It has been thirty years since computing experts began to sound the alarm, warning of what was to come with the arrival of quantum computing. Quantum computers are capable of performing calculations at speeds that current computers could never achieve, and offer many benefits for a wide range of use cases and industries.
However, there is a great deal of credible proof from the experts that once these super machines fall into the hands of hackers, can be used to break current public-key cryptographic algorithms, which potentially puts a majority of encrypted data at risk.
While it might take another ten years before we reach the post quantum stage, it is recommended that Post Quantum Cryptography migration efforts should begin now, rather than later. In this article, we will review post-quantum migration recommendations based on research by security experts from the U.S. National Security Agency (NSA), BSI - Germany’s federal cybersecurity authority (Bundesamt für Sicherheit in der Informationstechnik), the European Union Agency for Cybersecurity (ENISA) and ETSI, a European Standards Organization, based in France.

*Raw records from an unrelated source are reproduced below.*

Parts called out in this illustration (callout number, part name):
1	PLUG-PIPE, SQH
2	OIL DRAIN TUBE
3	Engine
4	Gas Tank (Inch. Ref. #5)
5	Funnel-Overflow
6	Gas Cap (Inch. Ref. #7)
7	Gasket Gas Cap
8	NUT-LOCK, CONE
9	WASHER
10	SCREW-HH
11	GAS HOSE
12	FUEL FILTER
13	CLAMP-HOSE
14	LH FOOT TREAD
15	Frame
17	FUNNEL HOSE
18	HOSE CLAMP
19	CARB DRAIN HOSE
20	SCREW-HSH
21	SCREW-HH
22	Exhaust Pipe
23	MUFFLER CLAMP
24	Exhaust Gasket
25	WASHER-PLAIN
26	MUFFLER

NSA Recommends Immediate Transition for Software and Firmware Signing
The NSA recently released a cybersecurity advisory to National Security Systems (NSS) to notify operators, owners and vendors of its future requirements for quantum-resistant algorithms. It recommends updating the current 1.0 version of NSA’s Commercial National Security Algorithm Suite to the latest 2.0 version now and that the transition for software and firmware signing begins immediately.

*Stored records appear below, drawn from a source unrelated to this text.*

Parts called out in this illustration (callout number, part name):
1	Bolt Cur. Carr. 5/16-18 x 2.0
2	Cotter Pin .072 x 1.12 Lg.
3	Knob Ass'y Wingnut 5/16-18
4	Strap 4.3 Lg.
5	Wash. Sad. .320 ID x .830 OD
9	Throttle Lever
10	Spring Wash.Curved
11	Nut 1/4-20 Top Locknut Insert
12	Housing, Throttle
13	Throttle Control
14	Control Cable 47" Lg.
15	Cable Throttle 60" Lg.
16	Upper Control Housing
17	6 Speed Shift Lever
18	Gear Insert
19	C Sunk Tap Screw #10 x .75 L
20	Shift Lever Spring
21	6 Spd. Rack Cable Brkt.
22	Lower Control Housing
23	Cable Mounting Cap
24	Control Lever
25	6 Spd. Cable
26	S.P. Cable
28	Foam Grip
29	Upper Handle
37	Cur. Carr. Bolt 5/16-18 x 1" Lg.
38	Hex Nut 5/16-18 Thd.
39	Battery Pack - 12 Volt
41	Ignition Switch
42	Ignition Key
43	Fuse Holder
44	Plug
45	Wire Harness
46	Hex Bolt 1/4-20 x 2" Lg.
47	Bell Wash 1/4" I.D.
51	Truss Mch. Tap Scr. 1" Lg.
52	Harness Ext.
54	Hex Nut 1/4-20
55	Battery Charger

The newest standardized algorithms for software and firmware signing were approved by NIST in July 2022 and are expected to be fully released by 2024. However, the NSA is using the algorithms for specific use cases. It is expected that all relevant system components should be configured to support CNSA 2.0 algorithms by 2025 and the completed NSS quantum-resistant algorithm transition should be completed by 2035.

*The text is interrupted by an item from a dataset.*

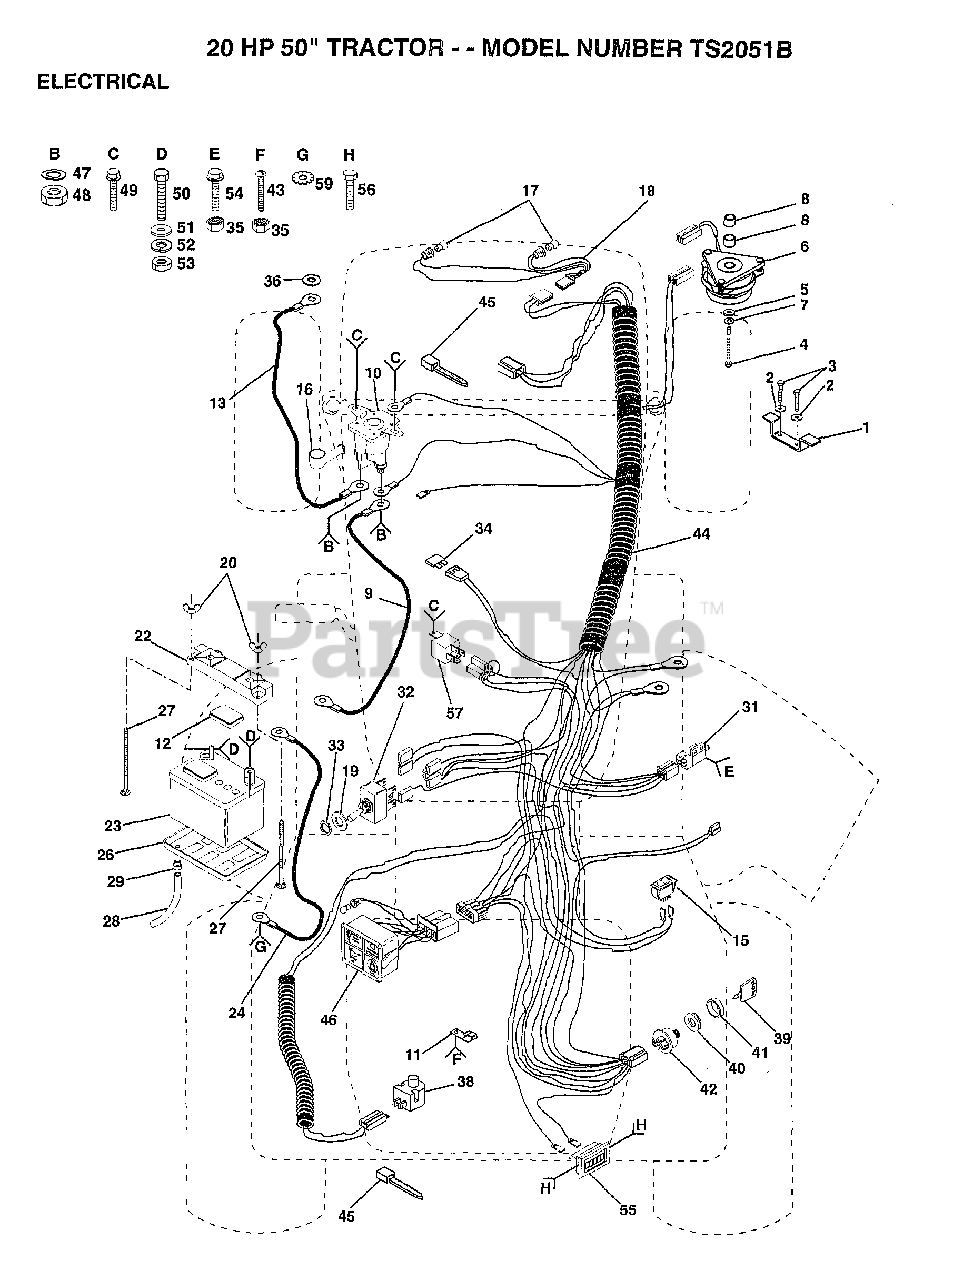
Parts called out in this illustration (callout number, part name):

BSI Recommends Becoming Crypto-Agile
As Germany’s federal cyber security authority, BSI’s goal is to promote safety in the use of information and community technology in government, business, and society. In 2021, the agency published its “Cyber Security Strategy for Germany 2021.” Included in that strategy is “the migration to quantum-secure cryptography in the high-security area.”
BSI recommends that quantum-safe methods should be introduced now during a transitional implementation period and combined with classical methods. The goal they recommend is for organizations to achieve crypto-agility in the long-term, of which permanently using hybrid solutions is essential. Crypto-agile solutions facilitate the secure exchange of cryptographic methods or protocols as updates are needed.
ENISA Recommends Options for PQ Migration Schemes
ENISA advises taking action to protect encrypted data by beginning quantum mitigation efforts before quantum computing arrives. It has recommended two options for post quantum migration schemes to implement now, one, a hybrid solution of pre-quantum and post-quantum schemes, and two, taking protective measures now for pre-quantum cryptography.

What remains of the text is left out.